Sudah 20 tahun masa-masa itu dilewatinya. Ia sudah melupakan semuanya, seiring usaha yang kini sedang dilakoninya. Dengan 15 orang karyawan, dua diantaranya karyawan Tuli. Ia membuka usaha butik yang diberi nama Ida Modiste yang berkantor tak jauh dari rumahnya sekarang, di Jalan Medoho Raya nomor 61, Semarang.

ruang tamu yang difungsikan sebagai ruang kerja bagi para karyawan, ia terlihat sedang melayani tamu dan konsumennya di ruang samping yang ditata sederhana. Dua manequin dengan kebaya karyanya tak jauh dari meja kerja, memberi kesan mewah pada ruang rapi yang bersahaja.

Didampingi Sunar, suaminya yang berprofesi sebagai guru di SLB Negeri Semarang. Ia mengisahkan perjalanan panjang usaha yang dilakoninya. Sambil sesekali melayani tamu yang datang, obrolan santai di sela riuh suara karyawan terasa penuh keakraban.

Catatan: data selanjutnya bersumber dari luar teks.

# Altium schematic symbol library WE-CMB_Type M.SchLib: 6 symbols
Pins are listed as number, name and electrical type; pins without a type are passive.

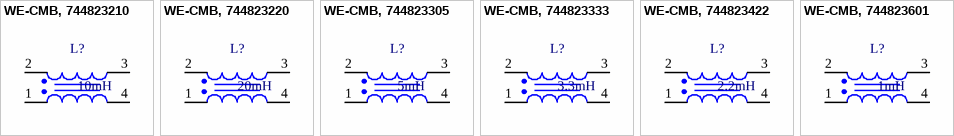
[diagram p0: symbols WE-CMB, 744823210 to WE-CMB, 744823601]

## WE-CMB, 744823210
designator L?, comment 10mH
WE-CMB Common Mode Power Line Choke, Type M, 10mH; PartNumber: 744823210
footprint WE-CMB_Type M_744823210
pins: 1, 2, 3, 4

## WE-CMB, 744823220
designator L?, comment 20mH
WE-CMB Common Mode Power Line Choke, Type M, 20mH; PartNumber: 744823220
footprint WE-CMB_Type M_744823220
pins: 1, 2, 3, 4

## WE-CMB, 744823305
designator L?, comment 5mH
WE-CMB Common Mode Power Line Choke, Type M, 5mH; PartNumber: 744823305
footprint WE-CMB_Type M_744823305
pins: 1, 2, 3, 4

## WE-CMB, 744823333
designator L?, comment 3.3mH
WE-CMB Common Mode Power Line Choke, Type M, 3.3mH; PartNumber: 744823333
footprint WE-CMB_Type M_744823333
pins: 1, 2, 3, 4

## WE-CMB, 744823422
designator L?, comment 2.2mH
WE-CMB Common Mode Power Line Choke, Type M, 2.2mH; PartNumber: 744823422
footprint WE-CMB_Type M_744823422
pins: 1, 2, 3, 4

## WE-CMB, 744823601
designator L?, comment 1mH
WE-CMB Common Mode Power Line Choke, Type M, 1mH; PartNumber: 744823601
footprint WE-CMB_Type M_744823601
pins: 1, 2, 3, 4
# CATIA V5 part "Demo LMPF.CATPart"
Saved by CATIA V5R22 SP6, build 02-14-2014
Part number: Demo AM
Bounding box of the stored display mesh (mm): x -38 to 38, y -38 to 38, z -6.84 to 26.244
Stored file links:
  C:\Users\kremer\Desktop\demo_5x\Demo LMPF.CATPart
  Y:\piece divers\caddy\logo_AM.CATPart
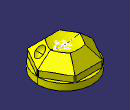
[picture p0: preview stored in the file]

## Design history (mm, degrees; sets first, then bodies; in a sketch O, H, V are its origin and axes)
AxisSystem1: origin (0, 0, 0), X (1, 0, 0), Y (0, 1, 0), Z (0, 0, 1)
Set1
  Plane1: type Angle, RefPlane face of Pocket1 from Sketch2.L1, Direction edge [face of Pocket1 from Sketch2.L1 | end face of Pad1], Angle 45
  Plane2: type Angle, RefPlane face of CircPattern1, Direction Sketch9, Angle 90
  Point1: (0, 0, 80), in AxisSystem1
  Sphere1: Center Point1, Axis AxisSystem1, Radius 57.5, Angle1 -90, Angle3 0, Angle4 360
  MultiSel1
Body1 (main body)
  Sketch1 on XY plane of AxisSystem1, origin (0, 0, 0), H (1, 0, 0), V (0, 1, 0)
    circle A1 centre (0, 0) radius 50
    radius A1 = 50
  Pad1: profile Sketch1, direction (0, 0, 1), length 35, opposite side length 9
  Sketch2 on end face of Pad1, origin (0, 0, 35), H (1, 0, 0), V (0, 1, 0)
    point P1 (25.4034, 44)
    point P2 (-25.4034, 44)
    point P3 (-50.8068, 0)
    point P4 (-25.4034, -44)
    point P5 (25.4034, -44)
    point P6 (50.8068, 0)
    point P7 (0, 44)
    line L1 (25.4034, 44) -> (-25.4034, 44)
    line L2 (-25.4034, 44) -> (-50.8068, 0)
    line L3 (-50.8068, 0) -> (-25.4034, -44)
    line L4 (-25.4034, -44) -> (25.4034, -44)
    line L5 (25.4034, -44) -> (50.8068, 0)
    line L6 (50.8068, 0) -> (25.4034, 44)
    construction line L7 (0, 0) -> (0, 44)
    construction circle A1 centre (0, 0) radius 50.8068
    construction arc A2 centre (25.4034, -44) radius 50.8068 from (-25.4034, -44) to (50.8068, 0) cw
    construction arc A3 centre (-25.4034, 44) radius 50.8068 from (-50.8068, 0) to (25.4034, 44) ccw
    length L7 = 44
    vertical: L7 V
    coincidence: A1 P1, A1 P2, A1 P3, A1 P4, A1 P5, A1 P6, A2 O, A3 O
    midpoint: P7 L1
    parallelism: L1 L4
  Pocket1: profile Sketch2, direction (0, 0, -1), length 32, outer side
  Sketch3 on Plane1, origin (0, 50.6879, 28.3121), H (1, 0, 0), V (0, -0.7071, 0.7071)
    point P1 (0, 7.5)
    line L1 (56.2227, 27) -> (56.2227, -12)
    line L2 (56.2227, -12) -> (-56.2227, -12)
    line L3 (-56.2227, -12) -> (-56.2227, 27)
    line L4 (-56.2227, 27) -> (56.2227, 27)
    distance H L2 = 12
    distance H L4 = 27
    coincidence: P1 V
    vertical: L1 V, L3 V
    horizontal: L2 H, L4 H
    equidistance: L1 L3 P1, L2 L4 P1
  Pocket2: profile Sketch3, direction (0, -0.7071, -0.7071), length 15
  CircPattern1: of Pocket2, instances 6, angular step 60 {= 360.0*1 deg/CircPattern1.AngularNumber}, axis from XY plane of AxisSystem1
  Sketch4 on end face of Pocket2, origin (0, 28.8934, 28.8934), H (-1, 0, 0), V (0, -0.7071, 0.7071)
    circle A1 centre (0, -6.364) radius 11
    point P1 (0, -6.364)
    reference projected line E1 through (0, 0) direction (0, -1) from edge [YZ plane of AxisSystem1 | XY plane of AxisSystem1]
    reference projected line E2 (37.6887, 8.636) -> (-37.6887, 8.636) from edge [end face of Pad1 | end face of Pocket2]
    radius A1 = 11
    distance P1 E2 = 15
    coincidence: P1 E1
  Pocket3: profile Sketch4, direction (0, -0.7071, -0.7071), length 6, deactivated
  Sketch5 on face of CircPattern1, origin (-25.0224, -14.4467, 28.8934), H (0.5, -0.866, 0), V (0.6124, 0.3536, 0.7071)
    line L1 (-8.6038, 0.6201) -> (-11.1038, -3.7101)
    line L2 (8.6599, 0.523) -> (11.1599, -3.8071)
    line L3 (-2.5004, -18.8071) -> (2.4996, -18.8071)
    construction circle A1 centre (0, -7.364) radius 11.4432
    point P7 (0, -7.364)
    arc A2 centre (-0.0004, -4.477) radius 10 from (-8.6038, 0.6201) to (8.6599, 0.523) cw
    arc A3 centre (2.4996, -8.8071) radius 10 from (11.1599, -3.8071) to (2.4996, -18.8071) cw
    arc A4 centre (-2.5004, -8.8071) radius 10 from (-2.5004, -18.8071) to (-11.1038, -3.7101) cw
    reference projected line E1 (-13.156, 8.636) -> (13.156, 8.636) from edge [face of CircPattern1 | end face of Pad1]
    angle L2 L3 = 60
    angle L1 L3 = 60
    length L2 = 5
    length L1 = 5
    length L3 = 5
    radius A2 = 10
    radius A3 = 10
    radius A4 = 10
    distance P7 E1 = 16
    horizontal: L3 H
    tangency: A1 L2, L1 A1, A1 L3, A2 L2, A3 L2, A4 L3
    coincidence: P7 V
  Pocket4: profile Sketch5, direction (0.6124, 0.3536, -0.7071), length 3
  Scaling1: ToTransfor Pocket4, Reference vertex [YZ plane of AxisSystem1 | ZX plane of AxisSystem1 | XY plane of AxisSystem1], Ratio 0.76
  Sketch6 on start face of Pad1, origin (0, 0, -6.84), H (1, 0, 0), V (0, -1, 0)
    circle A1 centre (0, 0) radius 28
    radius A1 = 28
  Pocket5: profile Sketch6, direction (0, 0, 1), length 15
  Sketch7 on YZ plane of AxisSystem1, origin (0, 0, 0), H (0, 1, 0), V (0, 0, 1)
    line L1 (0, -6.84) -> (28, -6.84)
    point P1 (0, -6.84)
    line L2 (0, 8.16) -> (10, 8.16)
    point P3 (0, 8.16)
    arc A1 centre (10, -10.14) radius 18.3 from (28, -6.84) to (10, 8.16) ccw
    axis line L3 (0, 13.16) -> (0, -11.84)
    point P6 (0, 13.16)
    point P7 (0, -11.84)
    reference projected line E1 (-38, -6.84) -> (38, -6.84) from edge [start face of Pad1 | face of Pad1 from Sketch1.A1]
    length L1 = 28
    length L2 = 10
    distance L2 L1 = 15
    distance P7 L1 = 5
    distance P6 L2 = 5
    coincidence: P1 V, P3 V, P6 V, L1 E1
    horizontal: L1 H, L2 H
    tangency: A1 L2
    vertical: L3 V
  Groove1: profile Sketch7, axis Sketch7.L3, angle 360
  Sketch8 on Plane2, origin (3.2068, -1.8514, -3.7028), H (-0.5, -0.866, 0), V (0.6124, -0.3536, 0.7071)
    arc A1 centre (0, 33.0547) radius 8 from (0, 25.0547) to (7.746, 31.0547) ccw
    point P1 (0, 33.0547)
    point P2 (0, 25.0547)
    point P3 (7.746, 31.0547)
    axis line L1 (0, 14.857) -> (0, 47.7135)
    point P4 (0, 14.857)
    reference projected line E1 (-9.9985, 31.0547) -> (9.9985, 31.0547) from edge [end face of Pad1 | face of CircPattern1]
    reference projected line E2 (-9.9985, 31.0547) -> (9.9985, 31.0547) from edge [end face of Pad1 | face of CircPattern1]
    radius A1 = 8
    distance P1 E2 = 2
    coincidence: P1 V, P2 V, P4 V, P3 E1
    vertical: L1 V
  Groove2: profile Sketch8, axis Sketch8.L1, angle 360
  Sketch9 "( Axe Ref 1 ) Esquisse.30" on face of CircPattern1, origin (19.017, -10.9795, 21.959), H (0.5, 0.866, 0), V (-0.6124, 0.3536, 0.7071)
    line L1 (-58.589, -5.2366) -> (57.1551, -5.2366)
    reference projected line E1 (-18.049, -16.2366) -> (18.049, -16.2366) from edge [face of Pocket1 from Sketch2.L5 | face of CircPattern1]
    distance L1 E1 = 11
    horizontal: L1 H
  Split1: SplitPlane Sphere1
  Sketch10 "AM_contour ext" on xy-plane, origin (4.33, 0, 0), H (0, 1, 0), V (-1, 0, 0)
    construction line L1 (0, 60.7322) -> (0, -11.7377)
    point P17 (3.4248, 5.9688)
    point P19 (0, 15.8119)
    arc A1 centre (59.4869, -14.2774) radius 60.2195 from (0, -4.9132) to (1.5177, 2.0306) cw
    arc A2 centre (9.7654, 7.017) radius 9.6379 from (1.5177, 2.0306) to (5.3889, -1.5699) ccw
    arc A3 centre (-14.9238, 4.3682) radius 21.1629 from (5.3889, -1.5699) to (3.6441, -5.7856) cw
    arc A4 centre (-23.671, 8.3459) radius 31.4277 from (6.0559, -1.8526) to (4.0351, -6.489) cw
    spline S1 through (3.6458, -5.7858) (3.5931, -5.7699) (3.4911, -5.6186) (3.1628, -5.286) (2.82, -5.2669) (2.3716, -5.4882) (2.1874, -5.8327) (2.1242, -6.4187) (2.252, -6.8572) (2.4958, -7.1703) (2.7571, -7.3255) (3.1036, -7.3604) (3.4777, -7.1797) (3.823, -6.8205) (4.0351, -6.489)
    arc A5 centre (6.6749, 1.3247) radius 3.237 from (6.0559, -1.8526) to (9.9071, 1.5021) ccw
    spline S2 through (9.9065, 1.5017) (9.6533, 2.299) (8.894, 2.8422) (8.0588, 2.7385) (7.695, 2.4017) (7.379, 1.5027) (7.7109, 0.6261) (8.2591, 0.2442) (8.6579, 0.2441)
    arc A6 centre (-6.6766, 2.7131) radius 13.278 from (6.2511, -0.3165) to (5.5057, 7.9947) ccw
    arc A7 centre (9.9792, 2.4699) radius 8.4343 from (1.8858, 4.8435) to (3.5816, 7.9661) cw
    spline S3 through (3.5816, 7.9661) (3.8645, 8.2339) (4.3523, 8.4727) (4.7949, 8.4722) (5.303, 8.2673) (5.5057, 7.9947)
    arc A8 centre (39.3291, 16.8757) radius 39.3291 from (0, 16.8757) to (1.8858, 4.8435) ccw
    spline S4 through (6.2511, -0.3165) (6.5819, -0.417) (7.0252, -0.5357) (7.4685, -0.6005) (7.9983, -0.6005) (8.3767, -0.4817) (8.5713, -0.2118) (8.6795, 0.1229) (8.6579, 0.2441)
    point P21 (0, -4.5)
    construction line L2 through (0, 0) direction (-1, 0)
    construction line L3 through (0, 0) direction (0, 1)
    point P22 (0, -11.7377)
    point P23 (0, 16.8757)
    point P24 (0, 15.8119)
    point P25 (0, -4.5)
    construction line L4 through (0, 0) direction (-1, 0)
    construction line L5 through (0, 0) direction (0, 1)
    point P26 (0, -11.7377)
    point P41 (-3.4248, 5.9688)
    point P43 (0, 15.8119)
    point P44 (0, -4.5)
    point P45 (0, -11.7377)
    point P46 (0, 16.8757)
    point P47 (0, 15.8119)
    arc A9 centre (-59.4869, -14.2774) radius 60.2195 from (0, -4.9132) to (-1.5177, 2.0306) ccw
    arc A10 centre (-9.7654, 7.017) radius 9.6379 from (-1.5177, 2.0306) to (-5.3889, -1.5699) cw
    arc A11 centre (14.9238, 4.3682) radius 21.1629 from (-5.3889, -1.5699) to (-3.6441, -5.7856) ccw
    arc A12 centre (23.671, 8.3459) radius 31.4277 from (-6.0559, -1.8526) to (-4.0351, -6.489) ccw
    spline S5 through (-3.6458, -5.7858) (-3.5931, -5.7699) (-3.4911, -5.6186) (-3.1628, -5.286) (-2.82, -5.2669) (-2.3716, -5.4882) (-2.1874, -5.8327) (-2.1242, -6.4187) (-2.252, -6.8572) (-2.4958, -7.1703) (-2.7571, -7.3255) (-3.1036, -7.3604) (-3.4777, -7.1797) (-3.823, -6.8205) (-4.0351, -6.489)
    arc A13 centre (-6.6749, 1.3247) radius 3.237 from (-6.0559, -1.8526) to (-9.9071, 1.5021) cw
    spline S6 through (-9.9065, 1.5017) (-9.6533, 2.299) (-8.894, 2.8422) (-8.0588, 2.7385) (-7.695, 2.4017) (-7.379, 1.5027) (-7.7109, 0.6261) (-8.2591, 0.2442) (-8.659, 0.244)
    arc A14 centre (6.6766, 2.7131) radius 13.278 from (-6.2511, -0.3165) to (-5.5057, 7.9947) cw
    arc A15 centre (-9.9792, 2.4699) radius 8.4343 from (-1.8858, 4.8435) to (-3.5816, 7.9661) ccw
    spline S7 through (-3.5816, 7.9661) (-3.8645, 8.2339) (-4.3523, 8.4727) (-4.7949, 8.4722) (-5.303, 8.2673) (-5.5057, 7.9947)
    arc A16 centre (-39.3291, 16.8757) radius 39.3291 from (0, 16.8757) to (-1.8858, 4.8435) cw
    spline S8 through (-6.2511, -0.3165) (-6.5819, -0.417) (-7.0252, -0.5357) (-7.4685, -0.6005) (-7.9983, -0.6005) (-8.3767, -0.4817) (-8.5713, -0.2118) (-8.6795, 0.1229) (-8.659, 0.244)
    point P64 (8.6579, 0.2441)
    point P79 (8.6579, 0.2441)
    point P103 (-8.659, 0.244)
    point P118 (-8.659, 0.244)
    symmetry: H L2 L1, V L3 L1, H L4 L3, V L5 L3
    tangency: A6 S3, S3 A7
    coincidence: P118 P103, P64 P79
  Sketch11 "AM_central" on xy-plane, origin (4.33, 0, 0), H (0, 1, 0), V (-1, 0, 0)
    construction line L1 (0, 60.7322) -> (0, -11.7377)
    point P6 (0, 15.8119)
    arc A1 centre (29.0923, -5.4555) radius 29.4289 from (0, -1.0173) to (0.9488, 3.147) cw
    arc A2 centre (25.6801, 11.3678) radius 26.0618 from (0.9488, 3.147) to (0, 6.9237) cw
    point P7 (0, -4.5)
    construction line L2 through (0, 0) direction (-1, 0)
    construction line L3 through (0, 0) direction (0, 1)
    point P8 (0, -11.7377)
    point P9 (0, 16.8757)
    point P10 (0, 15.8119)
    point P11 (0, -4.5)
    construction line L4 through (0, 0) direction (-1, 0)
    construction line L5 through (0, 0) direction (0, 1)
    point P12 (0, -11.7377)
    point P13 (-5.0293, 6.1577)
    point P17 (0, 15.8119)
    point P18 (0, -4.5)
    point P19 (0, -11.7377)
    point P20 (0, 16.8757)
    point P21 (0, 15.8119)
    arc A3 centre (-29.0923, -5.4555) radius 29.4289 from (0, -1.0173) to (-0.9488, 3.147) ccw
    arc A4 centre (-25.6801, 11.3678) radius 26.0618 from (-0.9488, 3.147) to (0, 6.9237) ccw
    symmetry: H L2 L1, V L3 L1, H L4 L3, V L5 L3
  Sketch12 "AM_bas" on xy-plane, origin (4.33, 0, 0), H (0, 1, 0), V (-1, 0, 0)
    construction line L1 (0, 60.7322) -> (0, -11.7377)
    line L2 (0, -11.7951) -> (2.0186, -9.3913)
    arc A1 centre (-0.9566, -8.5776) radius 1.6694 from (0, -9.9457) to (0.7051, -8.7379) ccw
    arc A2 centre (1.8578, -8.0675) radius 1.3335 from (0.7051, -8.7379) to (2.0186, -9.3913) ccw
    construction line L3 through (0, 0) direction (-1, 0)
    construction line L4 through (0, 0) direction (0, 1)
    point P9 (0, -11.7377)
    construction line L5 through (0, 0) direction (0, 1)
    point P10 (0, -11.7377)
    point P17 (0, -11.7377)
    line L6 (0, -11.7951) -> (-2.0186, -9.3913)
    arc A3 centre (0.9566, -8.5776) radius 1.6694 from (0, -9.9457) to (-0.7051, -8.7379) cw
    arc A4 centre (-1.8578, -8.0675) radius 1.3335 from (-0.7051, -8.7379) to (-2.0186, -9.3913) cw
  Sketch13 "AM_cplt" on xy-plane, origin (4.33, 0, 0), H (0, 1, 0), V (-1, 0, 0)
    construction line L1 (0, 60.7322) -> (0, -11.7377)
    point P33 (0, 15.8119)
    line L2 (0, -11.7951) -> (2.0186, -9.3913)
    arc A1 centre (-0.9566, -8.5776) radius 1.6694 from (0, -9.9457) to (0.7051, -8.7379) ccw
    arc A2 centre (1.8578, -8.0675) radius 1.3335 from (0.7051, -8.7379) to (2.0186, -9.3913) ccw
    arc A3 centre (59.4869, -14.2774) radius 60.2195 from (0, -4.9132) to (1.5177, 2.0306) cw
    arc A4 centre (9.7654, 7.017) radius 9.6379 from (1.5177, 2.0306) to (5.3889, -1.5699) ccw
    arc A5 centre (-14.9238, 4.3682) radius 21.1629 from (5.3889, -1.5699) to (3.6441, -5.7856) cw
    arc A6 centre (-23.671, 8.3459) radius 31.4277 from (6.0559, -1.8526) to (4.0351, -6.489) cw
    spline S1 through (3.6458, -5.7858) (3.5931, -5.7699) (3.4911, -5.6186) (3.1628, -5.286) (2.82, -5.2669) (2.3716, -5.4882) (2.1874, -5.8327) (2.1242, -6.4187) (2.252, -6.8572) (2.4958, -7.1703) (2.7571, -7.3255) (3.1036, -7.3604) (3.4777, -7.1797) (3.823, -6.8205) (4.0351, -6.489)
    arc A7 centre (6.6749, 1.3247) radius 3.237 from (6.0559, -1.8526) to (9.9071, 1.5021) ccw
    spline S2 through (9.9065, 1.5017) (9.6533, 2.299) (8.894, 2.8422) (8.0588, 2.7385) (7.695, 2.4017) (7.379, 1.5027) (7.7109, 0.6261) (8.2591, 0.2442) (8.6579, 0.2441)
    arc A8 centre (-6.6766, 2.7131) radius 13.278 from (6.2511, -0.3165) to (5.5057, 7.9947) ccw
    arc A9 centre (9.9792, 2.4699) radius 8.4343 from (1.8858, 4.8435) to (3.5816, 7.9661) cw
    spline S3 through (3.5816, 7.9661) (3.8645, 8.2339) (4.3523, 8.4727) (4.7949, 8.4722) (5.303, 8.2673) (5.5057, 7.9947)
    arc A10 centre (39.3291, 16.8757) radius 39.3291 from (0, 16.8757) to (1.8858, 4.8435) ccw
    spline S4 through (6.2511, -0.3165) (6.5819, -0.417) (7.0252, -0.5357) (7.4685, -0.6005) (7.9983, -0.6005) (8.3767, -0.4817) (8.5713, -0.2118) (8.6795, 0.1229) (8.659, 0.244)
    arc A11 centre (9.5716, 6.3023) radius 7.4668 from (2.5819, 3.6763) to (5.7001, -0.0823) ccw
    arc A12 centre (7.8975, 3.0231) radius 5.3556 from (2.5819, 3.6763) to (3.4248, 5.9688) cw
    arc A13 centre (-2.0857, 2.2369) radius 8.1238 from (5.7001, -0.0823) to (5.0293, 6.1577) ccw
    arc A14 centre (29.0923, -5.4555) radius 29.4289 from (0, -1.0173) to (0.9488, 3.147) cw
    arc A15 centre (25.6801, 11.3678) radius 26.0618 from (0.9488, 3.147) to (0, 6.9237) cw
    point P35 (0, -4.5)
    construction line L3 through (0, 0) direction (-1, 0)
    construction line L4 through (0, 0) direction (0, 1)
    point P36 (0, -11.7377)
    point P37 (0, 16.8757)
    point P38 (0, 15.8119)
    connectcurve C1
    point P39 (0, -4.5)
    construction line L5 through (0, 0) direction (-1, 0)
    construction line L6 through (0, 0) direction (0, 1)
    point P40 (0, -11.7377)
    point P71 (0, 15.8119)
    point P72 (0, -4.5)
    point P73 (0, -11.7377)
    point P74 (0, 16.8757)
    point P75 (0, 15.8119)
    line L7 (0, -11.7951) -> (-2.0186, -9.3913)
    arc A16 centre (0.9566, -8.5776) radius 1.6694 from (0, -9.9457) to (-0.7051, -8.7379) cw
    arc A17 centre (-1.8578, -8.0675) radius 1.3335 from (-0.7051, -8.7379) to (-2.0186, -9.3913) cw
    arc A18 centre (-59.4869, -14.2774) radius 60.2195 from (0, -4.9132) to (-1.5177, 2.0306) ccw
    arc A19 centre (-9.7654, 7.017) radius 9.6379 from (-1.5177, 2.0306) to (-5.3889, -1.5699) cw
    arc A20 centre (14.9238, 4.3682) radius 21.1629 from (-5.3889, -1.5699) to (-3.6441, -5.7856) ccw
    arc A21 centre (23.671, 8.3459) radius 31.4277 from (-6.0559, -1.8526) to (-4.0351, -6.489) ccw
    spline S5 through (-3.6458, -5.7858) (-3.5931, -5.7699) (-3.4911, -5.6186) (-3.1628, -5.286) (-2.82, -5.2669) (-2.3716, -5.4882) (-2.1874, -5.8327) (-2.1242, -6.4187) (-2.252, -6.8572) (-2.4958, -7.1703) (-2.7571, -7.3255) (-3.1036, -7.3604) (-3.4777, -7.1797) (-3.823, -6.8205) (-4.0351, -6.489)
    arc A22 centre (-6.6749, 1.3247) radius 3.237 from (-6.0559, -1.8526) to (-9.9071, 1.5021) cw
    spline S6 through (-9.9065, 1.5017) (-9.6533, 2.299) (-8.894, 2.8422) (-8.0588, 2.7385) (-7.695, 2.4017) (-7.379, 1.5027) (-7.7109, 0.6261) (-8.2591, 0.2442) (-8.6579, 0.2441)
    arc A23 centre (6.6766, 2.7131) radius 13.278 from (-6.2511, -0.3165) to (-5.5057, 7.9947) cw
    arc A24 centre (-9.9792, 2.4699) radius 8.4343 from (-1.8858, 4.8435) to (-3.5816, 7.9661) ccw
    spline S7 through (-3.5816, 7.9661) (-3.8645, 8.2339) (-4.3523, 8.4727) (-4.7949, 8.4722) (-5.303, 8.2673) (-5.5057, 7.9947)
    arc A25 centre (-39.3291, 16.8757) radius 39.3291 from (0, 16.8757) to (-1.8858, 4.8435) cw
    spline S8 through (-6.2511, -0.3165) (-6.5819, -0.417) (-7.0252, -0.5357) (-7.4685, -0.6005) (-7.9983, -0.6005) (-8.3767, -0.4817) (-8.5713, -0.2118) (-8.6795, 0.1229) (-8.659, 0.244)
    arc A26 centre (-9.5716, 6.3023) radius 7.4668 from (-2.5819, 3.6763) to (-5.7001, -0.0823) cw
    arc A27 centre (-7.8975, 3.0231) radius 5.3556 from (-2.5819, 3.6763) to (-3.4248, 5.9688) ccw
    arc A28 centre (2.0857, 2.2369) radius 8.1238 from (-5.7001, -0.0823) to (-5.0293, 6.1577) cw
    arc A29 centre (-29.0923, -5.4555) radius 29.4289 from (0, -1.0173) to (-0.9488, 3.147) ccw
    arc A30 centre (-25.6801, 11.3678) radius 26.0618 from (-0.9488, 3.147) to (0, 6.9237) ccw
    connectcurve C2
    symmetry: H L3 L1, V L4 L1, H L5 L4, V L6 L4
    tangency: A8 S3, S3 A9
  Sketch14 "AM_g" on xy-plane, origin (4.33, 0, 0), H (0, 1, 0), V (-1, 0, 0)
    point P1 (0, 15.8119)
    construction line L1 through (0, 0) direction (-1, 0)
    construction line L2 through (0, 0) direction (0, 1)
    point P2 (0, 16.8757)
    point P3 (0, 15.8119)
    construction line L3 through (0, 0) direction (0, 1)
    point P8 (0, 15.8119)
    point P9 (0, 16.8757)
    point P10 (0, 15.8119)
    arc A1 centre (-9.5716, 6.3023) radius 7.4668 from (-2.5819, 3.6763) to (-5.7001, -0.0823) cw
    arc A2 centre (-7.8975, 3.0231) radius 5.3556 from (-2.5819, 3.6763) to (-3.4248, 5.9688) ccw
    arc A3 centre (2.0857, 2.2369) radius 8.1238 from (-5.7001, -0.0823) to (-5.0293, 6.1577) cw
    connectcurve C1
    symmetry: V L3 L2
  Sketch15 "AM_d" on xy-plane, origin (4.33, 0, 0), H (0, 1, 0), V (-1, 0, 0)
    point P5 (0, 15.8119)
    arc A1 centre (9.5716, 6.3023) radius 7.4668 from (2.5819, 3.6763) to (5.7001, -0.0823) ccw
    arc A2 centre (7.8975, 3.0231) radius 5.3556 from (2.5819, 3.6763) to (3.4248, 5.9688) cw
    arc A3 centre (-2.0857, 2.2369) radius 8.1238 from (5.7001, -0.0823) to (5.0293, 6.1577) ccw
    point P6 (0, -4.5)
    construction line L1 through (0, 0) direction (-1, 0)
    construction line L2 through (0, 0) direction (0, 1)
    point P7 (0, 16.8757)
    point P8 (0, 15.8119)
    connectcurve C1
    point P9 (0, -4.5)
    construction line L3 through (0, 0) direction (0, 1)
    point P10 (0, 15.8119)
    point P11 (0, -4.5)
    point P12 (0, 16.8757)
    point P13 (0, 15.8119)
    symmetry: V L3 L2

Wajahnya selalu ramah dengan senyum mengembang, kalimat yang terucap penuh kelembutan dengan paras natural sebuah komposisi yang pas sebuah eksederhanaan.

Hidayah Ratna Febriani, biasa disapa Ida, bercerita bagaimana ia terjun di bidang jahit menjahit yang dulu tak pernah jadi impian. “Tidak pernah kepikiran buka usaha jahit. Tidak pernah kepikiran punya karyawan. Semua mengalir. Dan semua karena orangtua yang mengarahkan sehingga saya bisa seperti sekarang,” kisah perempuan yang sangat mengidolakan Anne Avantie (03/01).

Dari sana pula, Ida tertarik mengajarkan secara gratis beberapa ilmu yang ia dapatkan kepada sesama teman-teman difabel. Tak segan, beberapa dari mereka datang ke rumahnya, belajar dan ngangsu kawruh langsung darinya, saat sedang tak melayani banyak pelanggan usaha jahitnya.

Lahir di Semarang, 2 februari 1975, anak kedua dari lima bersaudara pasangan Sudarto dan (almarhumah) Nafisya Umaya. Ida kecil, tak pernah mengira bahwa pada usia tiga tahunnya, folio memaksanya untuk menggunakan brisk sebagai alat bantu berjalan.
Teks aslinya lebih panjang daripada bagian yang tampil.